Not only is the analysis unbiased, it is also accurate. Figure 8a shows the temperature error evolution. Here, and in what follows, we will use the term "error" to mean the standard deviation of the difference between the truth and some other quantity, such as the ensemble mean analysis. Note the very fast approach of the analysis error to its asymptotic value: after just a few 3-h cycles, the errors are greatly reduced and are smaller than the observation errors and much smaller than the errors in the FRF. The fact that the analysis and background errors quickly asymptote to very small values relative to the observation errors is a key indicator that the observed information is assimilated efficiently. Insofar as the analysis errors are smaller than the FRF errors, one can conclude that the small errors in the state estimates are not simply due to the model response to the strong external forcing.
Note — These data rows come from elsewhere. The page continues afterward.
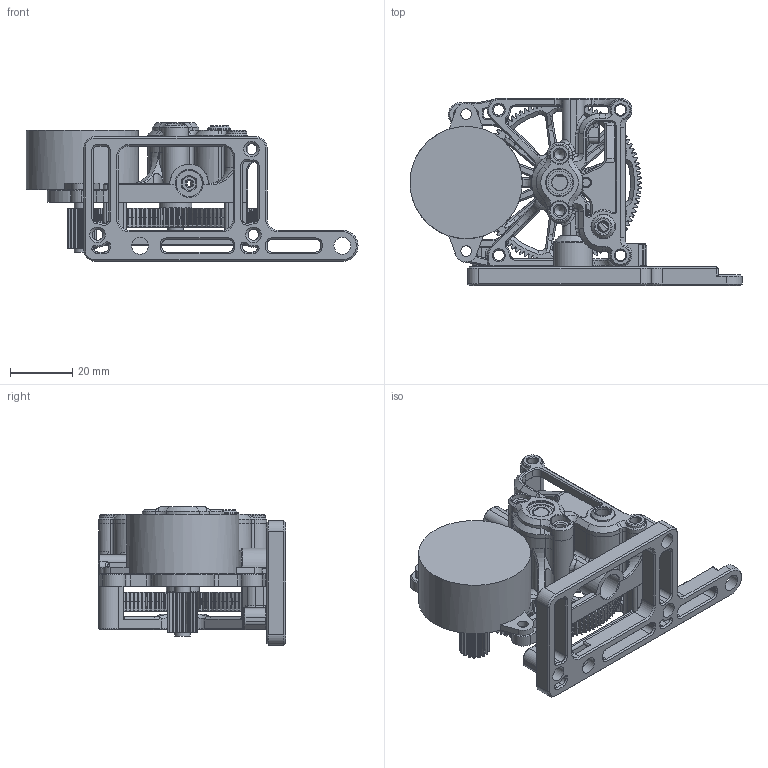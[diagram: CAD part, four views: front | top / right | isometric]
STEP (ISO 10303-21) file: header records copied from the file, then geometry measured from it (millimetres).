
FILE_DESCRIPTION(/* description */ (''),/* implementation_level */ '2;1');
FILE_NAME(/* name */ 'C:/Users/Anton/Documents/Git/geared-extruder/folded-103t/alpha2/CAD/sherpa_103_folded_a2_full_assy.step',/* time_stamp */ '2020-04-25T01:32:18+03:00',/* author */ (''),/* organization */ (''),/* preprocessor_version */ 'ST-DEVELOPER v18.1',/* originating_system */ 'Autodesk Translation Framework v9.2.0.1227',/* authorisation */ '');
FILE_SCHEMA (('AUTOMOTIVE_DESIGN { 1 0 10303 214 3 1 1 }'));
Length unit declared in the file: millimetre
Products named in the file (15): Sherpa 6:1; BMG idler; drive_core_assy v6; shaft; 7804K107; 3mm spacer; BMG drive; 103t_rounded_spur_gear; housing_core; housing_rear; idler_carrier; 17t pinion; housing_front; rappel_adapter; LDO v1
Assembly tree (15 placements, depth 3):
  Sherpa 6:1
    BMG idler
    drive_core_assy v6
      shaft
      7804K107  x2
      3mm spacer
      BMG drive
      103t_rounded_spur_gear
    housing_core
    housing_rear
    idler_carrier
    17t pinion
    housing_front
    rappel_adapter
    LDO v1
Bounding box: 106.5 x 60 x 44.5 mm (x, y, z)
Volume: 56039.2 mm3; surface area: 43129.4 mm2
Topology: 48 solids, 51 shells, 3168 faces, 8441 edges, 5294 vertices
Faces by surface type: bspline 884, cylinder 790, plane 673, cone 496, torus 196, sphere 129
Full cylindrical faces by diameter (mm): 2.5 x1, 3 x6, 3.2 x3, 3.4 x21, 4 x4, 5 x20, 5.2 x1, 5.4 x2, 5.7 x1, 6 x3, 7.385 x8, 7.5 x4, 8 x5, 8.4 x1, 8.615 x8, 9 x1, 10.5 x1, 11 x2, 11.2 x2, 16.5 x1, 36 x1
Entity records: 191040 total; most frequent: CARTESIAN_POINT 117310, ORIENTED_EDGE 16602, DIRECTION 14161, EDGE_CURVE 8301, AXIS2_PLACEMENT_3D 5577, VERTEX_POINT 5223, EDGE_LOOP 3276, CIRCLE 3201

In Fig. 8a, the small deviations of the observation errors from the expected value (curve O - T) are due to the finite nature of the sample.
It is apparent that different variables in the ocean model respond to the external forcing on different time scales. Figure 8b shows the evolution of the surface height error. The sample sizes are roughly a tenth of those for temperature because the surface height is a two-dimensional field, whereas three-dimensional fields like temperature have 10 layers. The behavior of the assimilation is again very accurate, with negligible errors after 48 h, but the FRF is also very good and asymptotes to similar very small errors after 72 h. Salinity errors are more like temperature in that the FRF very slowly approaches the truth, whereas velocity errors are more like surface height in that the FRF quickly approaches the truth. These differences relate to the fact that u, v, and h are for the most part tidally forced and can adjust rapidly to the perfect forcing, but adjustments of the T and S fields involve thermodynamic processes that have longer time scales and depend not only on the forcing but also on advection and diffusion processes.
The fast approach of the data assimilation system to asymptotic behavior is also seen in the ensemble spread. Here, and in what follows, the ensemble spread is the rms value for the tune interval and domain under consideration of the ensemble standard deviation calculated at each grid point and synoptic time. Figure 9 shows the evolution of ensemble spread for the temperature in the entire domain, which shows that the initial ensemble spread is reduced quickly by the assimilation of observed information. Also, there is negligible growth or decay of the ensemble spread during the forecast step. This is consistent with the perfect model, perfect external forcing experiment design and suggests that the model dynamics have only a weak sensitivity to initial condition perturbations.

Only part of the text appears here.